The Cross is veiled, present and yet unseen. Such is the paradox of Passiontide. We see but “in a glass darkly.” We know and yet, we do not know. We make our way to the Cross. The first word that we will hear is “Father, forgive them, for they know not what they do”. The darkness of our ignorance is so much greater than we realize. It embraces our willfulness, too, signaling our willful ignorance born out of pride and prejudice, born out of folly and pretense, born out of presumption and envy. Such are the realities of sin.

Yet, this is the way that somehow we must want to go, if nothing else than for the clarification of our desires and the purification of our wills. We are on a journey with Christ, only now to discover that he and he alone “by his own blood enter[s] in once into the holy place” to obtain “eternal redemption for us”. We can only follow. We can only be among the crowd, at once deceivers and deceived, and yet to learn and be changed. The Epistle reading from Hebrews presents the stark and uncompromising logic of the atonement. Christ is the Mediator between God and Man whose labour of love makes us at one with God despite ourselves, and even in and through the darkness of our ignorance and the danger of our arrogance, and even more because of our betrayals of his love. Passiontide is really the parade of our betrayals.

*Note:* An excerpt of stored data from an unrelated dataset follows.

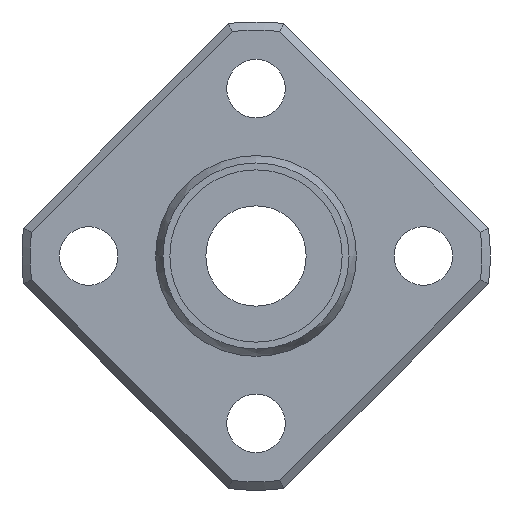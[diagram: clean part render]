
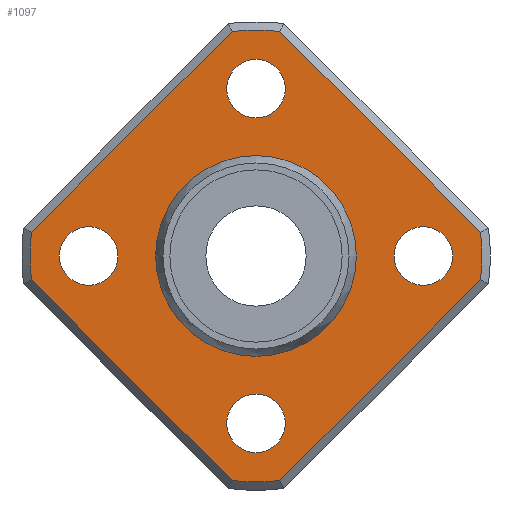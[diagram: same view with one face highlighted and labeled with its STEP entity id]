
A CAD part, left-side view. The second image highlights one B-rep face of the part: STEP entity #1097.
In plain terms, the highlighted planar face has unit normal (-1, 0, 0).
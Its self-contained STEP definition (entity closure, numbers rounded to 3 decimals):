
#673=CARTESIAN_POINT('',(-12.5,13.425,1.425));
#674=VERTEX_POINT('',#673);
#682=CARTESIAN_POINT('',(-12.5,1.425,13.425));
#683=VERTEX_POINT('',#682);
#684=CARTESIAN_POINT('',(-12.5,13.425,1.425));
#685=DIRECTION('',(0.0,-0.707,0.707));
#686=VECTOR('',#685,16.971);
#687=LINE('',#684,#686);
#688=EDGE_CURVE('',#674,#683,#687,.T.);
#715=CARTESIAN_POINT('',(-12.5,-1.425,13.425));
#716=VERTEX_POINT('',#715);
#717=CARTESIAN_POINT('',(-12.5,0.0,0.0));
#718=DIRECTION('',(1.0,0.0,0.0));
#719=DIRECTION('',(0.0,0.0,1.0));
#720=AXIS2_PLACEMENT_3D('',#717,#718,#719);
#721=CIRCLE('',#720,13.5);
#722=EDGE_CURVE('',#683,#716,#721,.T.);
#748=CARTESIAN_POINT('',(-12.5,-13.425,1.425));
#749=VERTEX_POINT('',#748);
#750=CARTESIAN_POINT('',(-12.5,-1.425,13.425));
#751=DIRECTION('',(0.0,-0.707,-0.707));
#752=VECTOR('',#751,16.971);
#753=LINE('',#750,#752);
#754=EDGE_CURVE('',#716,#749,#753,.T.);
#781=CARTESIAN_POINT('',(-12.5,-13.425,-1.425));
#782=VERTEX_POINT('',#781);
#783=CARTESIAN_POINT('',(-12.5,0.0,0.0));
#784=DIRECTION('',(1.0,0.0,0.0));
#785=DIRECTION('',(0.0,0.0,1.0));
#786=AXIS2_PLACEMENT_3D('',#783,#784,#785);
#787=CIRCLE('',#786,13.5);
#788=EDGE_CURVE('',#749,#782,#787,.T.);
#814=CARTESIAN_POINT('',(-12.5,-1.425,-13.425));
#815=VERTEX_POINT('',#814);
#816=CARTESIAN_POINT('',(-12.5,-13.425,-1.425));
#817=DIRECTION('',(0.0,0.707,-0.707));
#818=VECTOR('',#817,16.971);
#819=LINE('',#816,#818);
#820=EDGE_CURVE('',#782,#815,#819,.T.);
#847=CARTESIAN_POINT('',(-12.5,1.425,-13.425));
#848=VERTEX_POINT('',#847);
#849=CARTESIAN_POINT('',(-12.5,0.0,0.0));
#850=DIRECTION('',(1.0,0.0,0.0));
#851=DIRECTION('',(0.0,0.0,-1.0));
#852=AXIS2_PLACEMENT_3D('',#849,#850,#851);
#853=CIRCLE('',#852,13.5);
#854=EDGE_CURVE('',#815,#848,#853,.T.);
#880=CARTESIAN_POINT('',(-12.5,13.425,-1.425));
#881=VERTEX_POINT('',#880);
#882=CARTESIAN_POINT('',(-12.5,1.425,-13.425));
#883=DIRECTION('',(0.0,0.707,0.707));
#884=VECTOR('',#883,16.971);
#885=LINE('',#882,#884);
#886=EDGE_CURVE('',#848,#881,#885,.T.);
#911=CARTESIAN_POINT('',(-12.5,0.0,0.0));
#912=DIRECTION('',(1.0,0.0,0.0));
#913=DIRECTION('',(0.0,0.0,1.0));
#914=AXIS2_PLACEMENT_3D('',#911,#912,#913);
#915=CIRCLE('',#914,13.5);
#916=EDGE_CURVE('',#881,#674,#915,.T.);
#1027=CARTESIAN_POINT('',(-12.5,0.0,9.905));
#1028=DIRECTION('',(-1.0,0.0,0.0));
#1029=DIRECTION('',(0.0,0.0,1.0));
#1030=AXIS2_PLACEMENT_3D('',#1027,#1028,#1029);
#1031=PLANE('',#1030);
#1032=ORIENTED_EDGE('',*,*,#688,.F.);
#1033=ORIENTED_EDGE('',*,*,#916,.F.);
#1034=ORIENTED_EDGE('',*,*,#886,.F.);
#1035=ORIENTED_EDGE('',*,*,#854,.F.);
#1036=ORIENTED_EDGE('',*,*,#820,.F.);
#1037=ORIENTED_EDGE('',*,*,#788,.F.);
#1038=ORIENTED_EDGE('',*,*,#754,.F.);
#1039=ORIENTED_EDGE('',*,*,#722,.F.);
#1040=EDGE_LOOP('',(#1032,#1033,#1034,#1035,#1036,#1037,#1038,#1039));
#1041=FACE_OUTER_BOUND('',#1040,.T.);
#1042=CARTESIAN_POINT('',(-12.5,0.0,5.809));
#1043=VERTEX_POINT('',#1042);
#1044=CARTESIAN_POINT('',(-12.5,0.0,0.0));
#1045=DIRECTION('',(-1.0,0.0,0.0));
#1046=DIRECTION('',(0.0,0.0,1.0));
#1047=AXIS2_PLACEMENT_3D('',#1044,#1045,#1046);
#1048=CIRCLE('',#1047,5.809);
#1049=EDGE_CURVE('',#1043,#1043,#1048,.T.);
#1050=ORIENTED_EDGE('',*,*,#1049,.F.);
#1051=EDGE_LOOP('',(#1050));
#1052=FACE_BOUND('',#1051,.T.);
#1053=CARTESIAN_POINT('',(-12.5,8.25,0.));
#1054=VERTEX_POINT('',#1053);
#1055=CARTESIAN_POINT('',(-12.5,10.0,0.));
#1056=DIRECTION('',(1.0,0.0,0.0));
#1057=DIRECTION('',(0.0,1.0,0.0));
#1058=AXIS2_PLACEMENT_3D('',#1055,#1056,#1057);
#1059=CIRCLE('',#1058,1.75);
#1060=EDGE_CURVE('',#1054,#1054,#1059,.T.);
#1061=ORIENTED_EDGE('',*,*,#1060,.T.);
#1062=EDGE_LOOP('',(#1061));
#1063=FACE_BOUND('',#1062,.T.);
#1064=CARTESIAN_POINT('',(-12.5,-11.75,0.));
#1065=VERTEX_POINT('',#1064);
#1066=CARTESIAN_POINT('',(-12.5,-10.0,0.0));
#1067=DIRECTION('',(1.0,0.0,0.0));
#1068=DIRECTION('',(0.0,1.0,0.0));
#1069=AXIS2_PLACEMENT_3D('',#1066,#1067,#1068);
#1070=CIRCLE('',#1069,1.75);
#1071=EDGE_CURVE('',#1065,#1065,#1070,.T.);
#1072=ORIENTED_EDGE('',*,*,#1071,.T.);
#1073=EDGE_LOOP('',(#1072));
#1074=FACE_BOUND('',#1073,.T.);
#1075=CARTESIAN_POINT('',(-12.5,-1.75,10.0));
#1076=VERTEX_POINT('',#1075);
#1077=CARTESIAN_POINT('',(-12.5,0.,10.0));
#1078=DIRECTION('',(1.0,0.0,0.0));
#1079=DIRECTION('',(0.0,1.0,0.0));
#1080=AXIS2_PLACEMENT_3D('',#1077,#1078,#1079);
#1081=CIRCLE('',#1080,1.75);
#1082=EDGE_CURVE('',#1076,#1076,#1081,.T.);
#1083=ORIENTED_EDGE('',*,*,#1082,.T.);
#1084=EDGE_LOOP('',(#1083));
#1085=FACE_BOUND('',#1084,.T.);
#1086=CARTESIAN_POINT('',(-12.5,-1.75,-10.0));
#1087=VERTEX_POINT('',#1086);
#1088=CARTESIAN_POINT('',(-12.5,0.,-10.0));
#1089=DIRECTION('',(1.0,0.0,0.0));
#1090=DIRECTION('',(0.0,1.0,0.0));
#1091=AXIS2_PLACEMENT_3D('',#1088,#1089,#1090);
#1092=CIRCLE('',#1091,1.75);
#1093=EDGE_CURVE('',#1087,#1087,#1092,.T.);
#1094=ORIENTED_EDGE('',*,*,#1093,.T.);
#1095=EDGE_LOOP('',(#1094));
#1096=FACE_BOUND('',#1095,.T.);
#1097=ADVANCED_FACE('',(#1041,#1052,#1063,#1074,#1085,#1096),#1031,.T.);

We want what the mother of Zebedee’s children and her sons want. What is that? We want the very best for ourselves and for our children. But, inescapably, what we want for ourselves and for our children sets us and them at odds with everyone else. A benefit for a few is necessarily at the expense of the many. The poignancy of Passiontide lies precisely in the awareness of that paradox; our good is often sought for at the price of another’s hurt.